━━━━━ Dataset entries ━━━━━
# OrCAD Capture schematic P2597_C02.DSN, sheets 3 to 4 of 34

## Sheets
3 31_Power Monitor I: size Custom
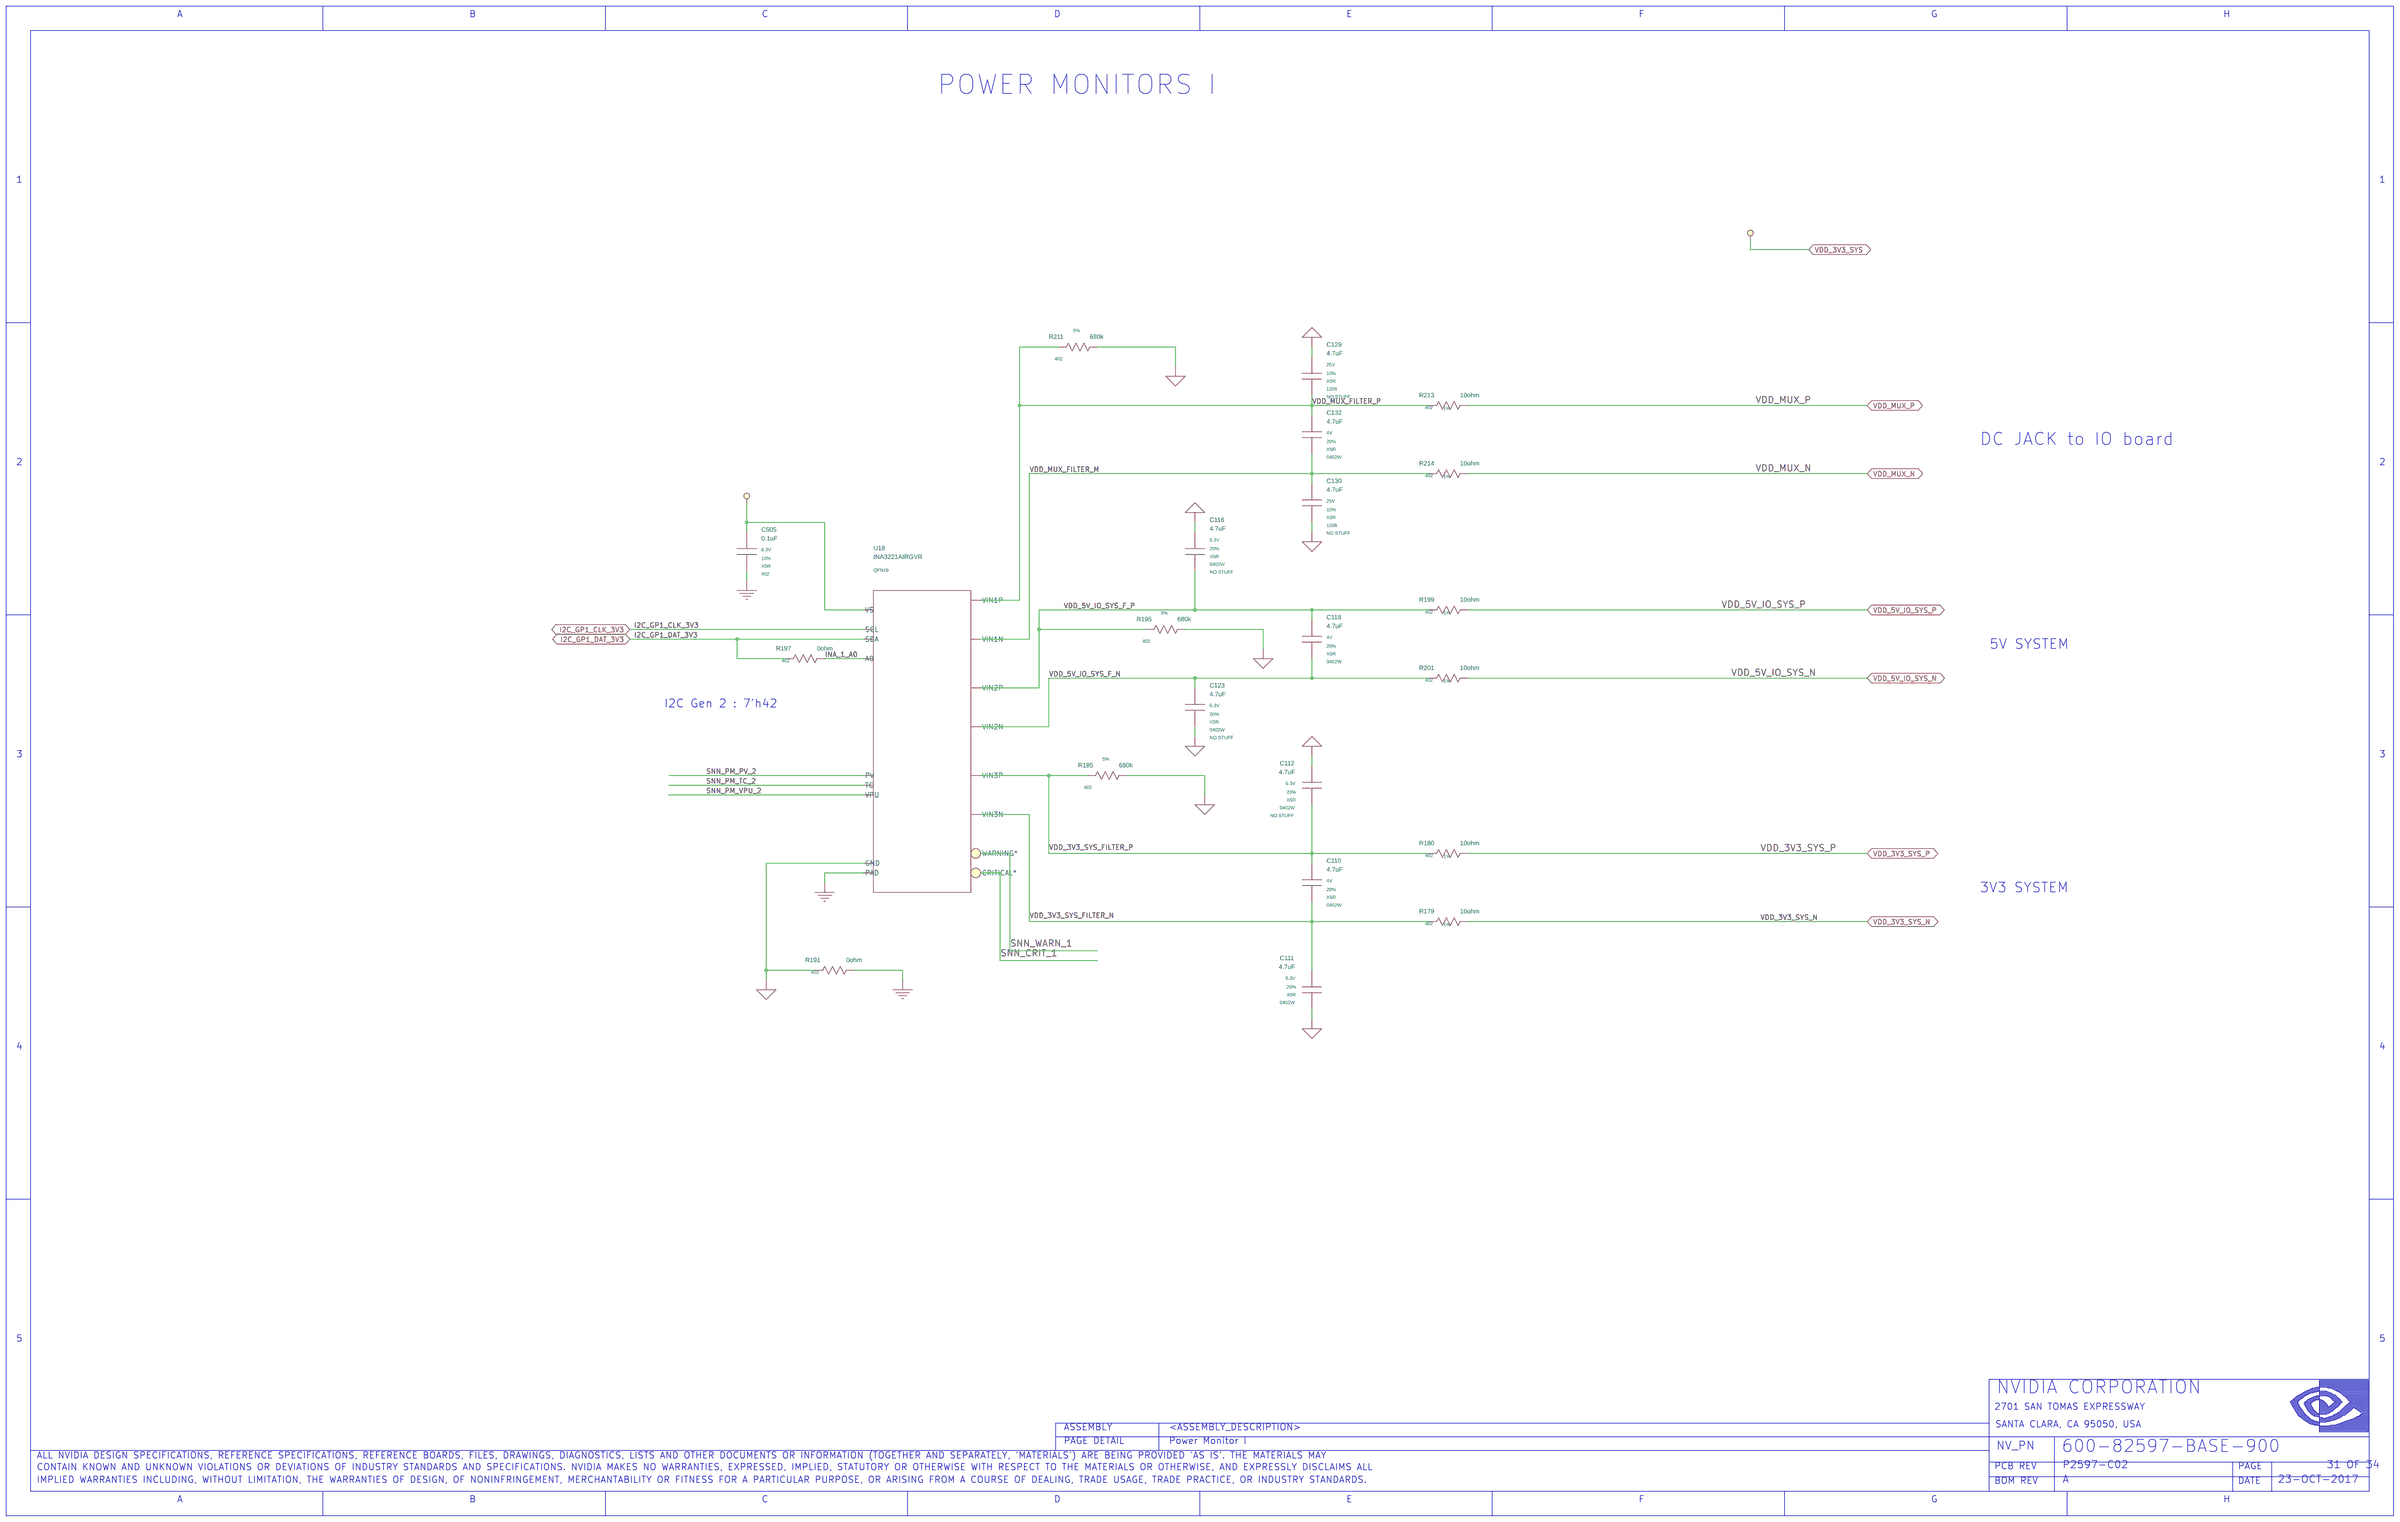
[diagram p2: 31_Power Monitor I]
4 30_Rail Discharge: size Custom
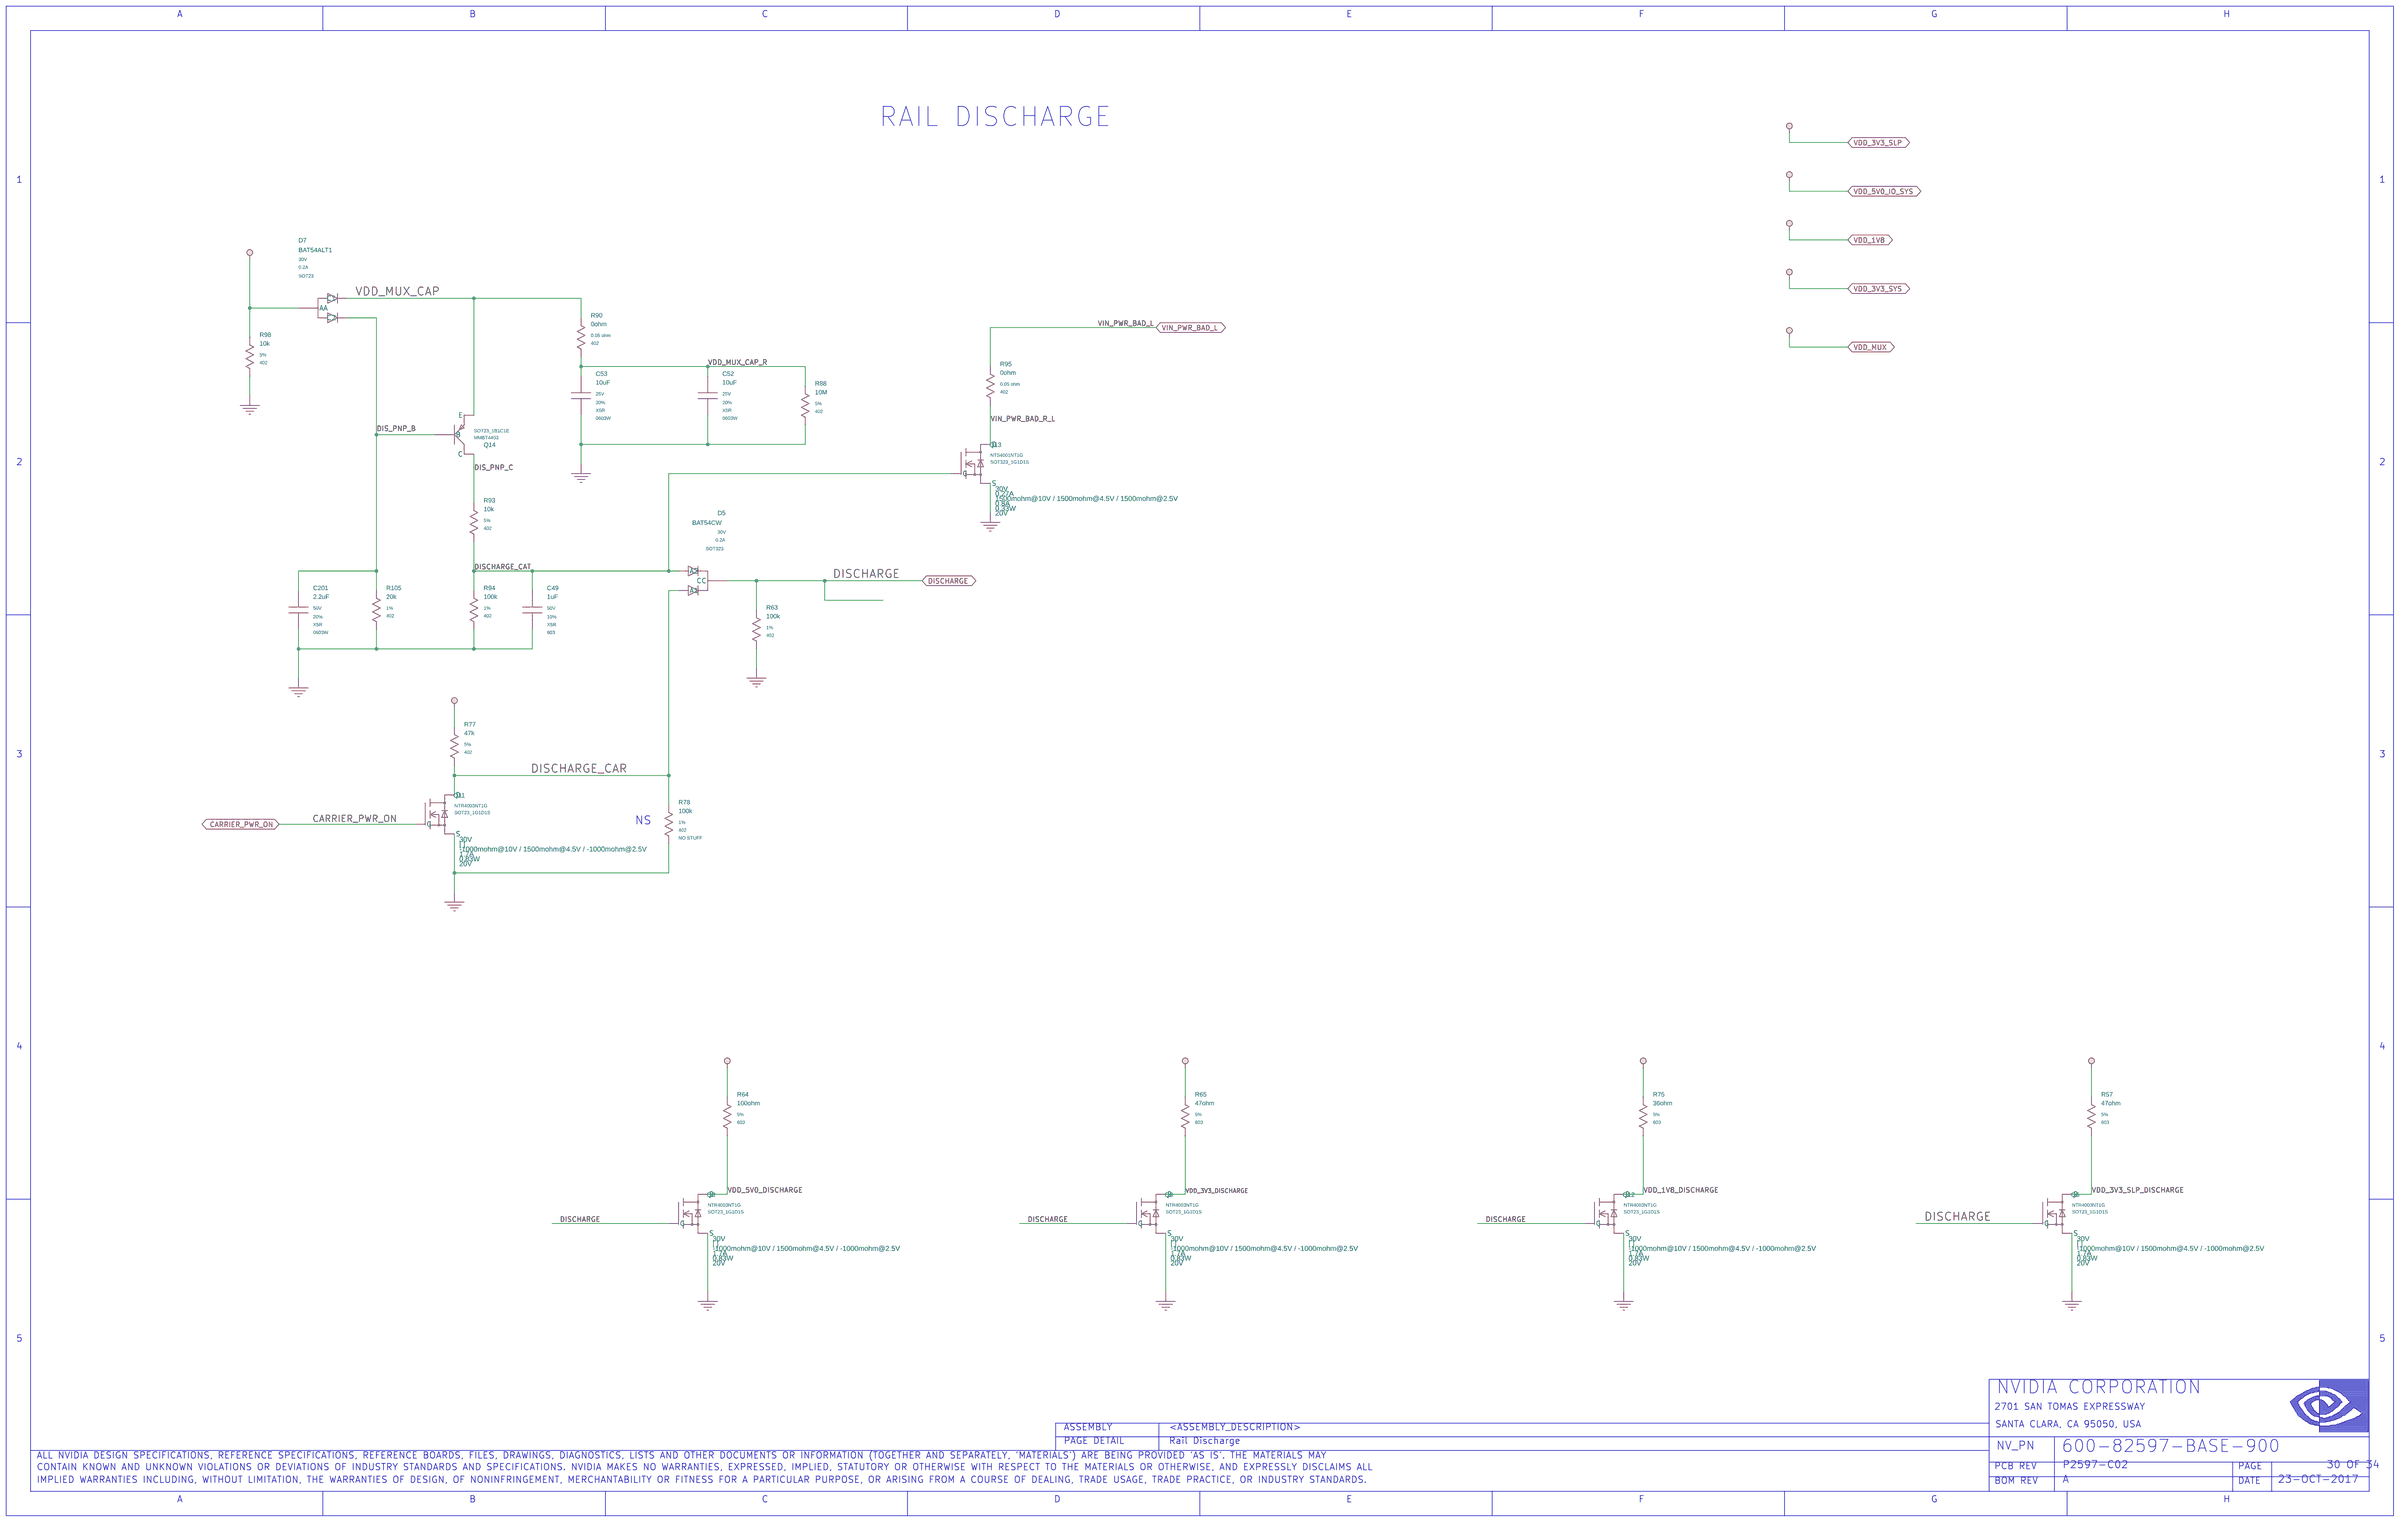
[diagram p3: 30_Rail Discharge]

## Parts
sheet 30_Rail Discharge
C49  1uF  [603]
C52  10uF  [0603_LARGE]
C53  10uF  [0603_LARGE]
C201  2.2uF  [0603_LARGE]
D5  D_3PIN_CC  [SOT323]
D7  D_3PIN_AA  [SOT23]
Q6  Q_FET_N_ENH  [SOT23]
Q8  Q_FET_N_ENH  [SOT23]
Q9  Q_FET_N_ENH  [SOT23]
Q11  Q_FET_N_ENH  [SOT23]
Q12  Q_FET_N_ENH  [SOT23]
Q13  Q_FET_N_ENH  [SOT323]
Q14  Q_PNP  [SOT23]
R57  47ohm  [603]
R63  100k  [402]
R64  100ohm  [603]
R65  47ohm  [603]
R75  36ohm  [603]
R77  47k  [402]
R78  100k  [402]
R88  10M  [402]
R90  0ohm  [402]
R93  10k  [402]
R94  100k  [402]
R95  0ohm  [402]
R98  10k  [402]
━━━━━
Problem statement: Can you repeat every record above exactly, apart from the pictures?

Output for this exercise:
# OrCAD Capture schematic P2597_C02.DSN, sheets 3 to 4 of 34

## Sheets
3 31_Power Monitor I: size Custom
[diagram p2: 31_Power Monitor I]
4 30_Rail Discharge: size Custom
[diagram p3: 30_Rail Discharge]

## Parts
sheet 30_Rail Discharge
C49  1uF  [603]
C52  10uF  [0603_LARGE]
C53  10uF  [0603_LARGE]
C201  2.2uF  [0603_LARGE]
D5  D_3PIN_CC  [SOT323]
D7  D_3PIN_AA  [SOT23]
Q6  Q_FET_N_ENH  [SOT23]
Q8  Q_FET_N_ENH  [SOT23]
Q9  Q_FET_N_ENH  [SOT23]
Q11  Q_FET_N_ENH  [SOT23]
Q12  Q_FET_N_ENH  [SOT23]
Q13  Q_FET_N_ENH  [SOT323]
Q14  Q_PNP  [SOT23]
R57  47ohm  [603]
R63  100k  [402]
R64  100ohm  [603]
R65  47ohm  [603]
R75  36ohm  [603]
R77  47k  [402]
R78  100k  [402]
R88  10M  [402]
R90  0ohm  [402]
R93  10k  [402]
R94  100k  [402]
R95  0ohm  [402]
R98  10k  [402]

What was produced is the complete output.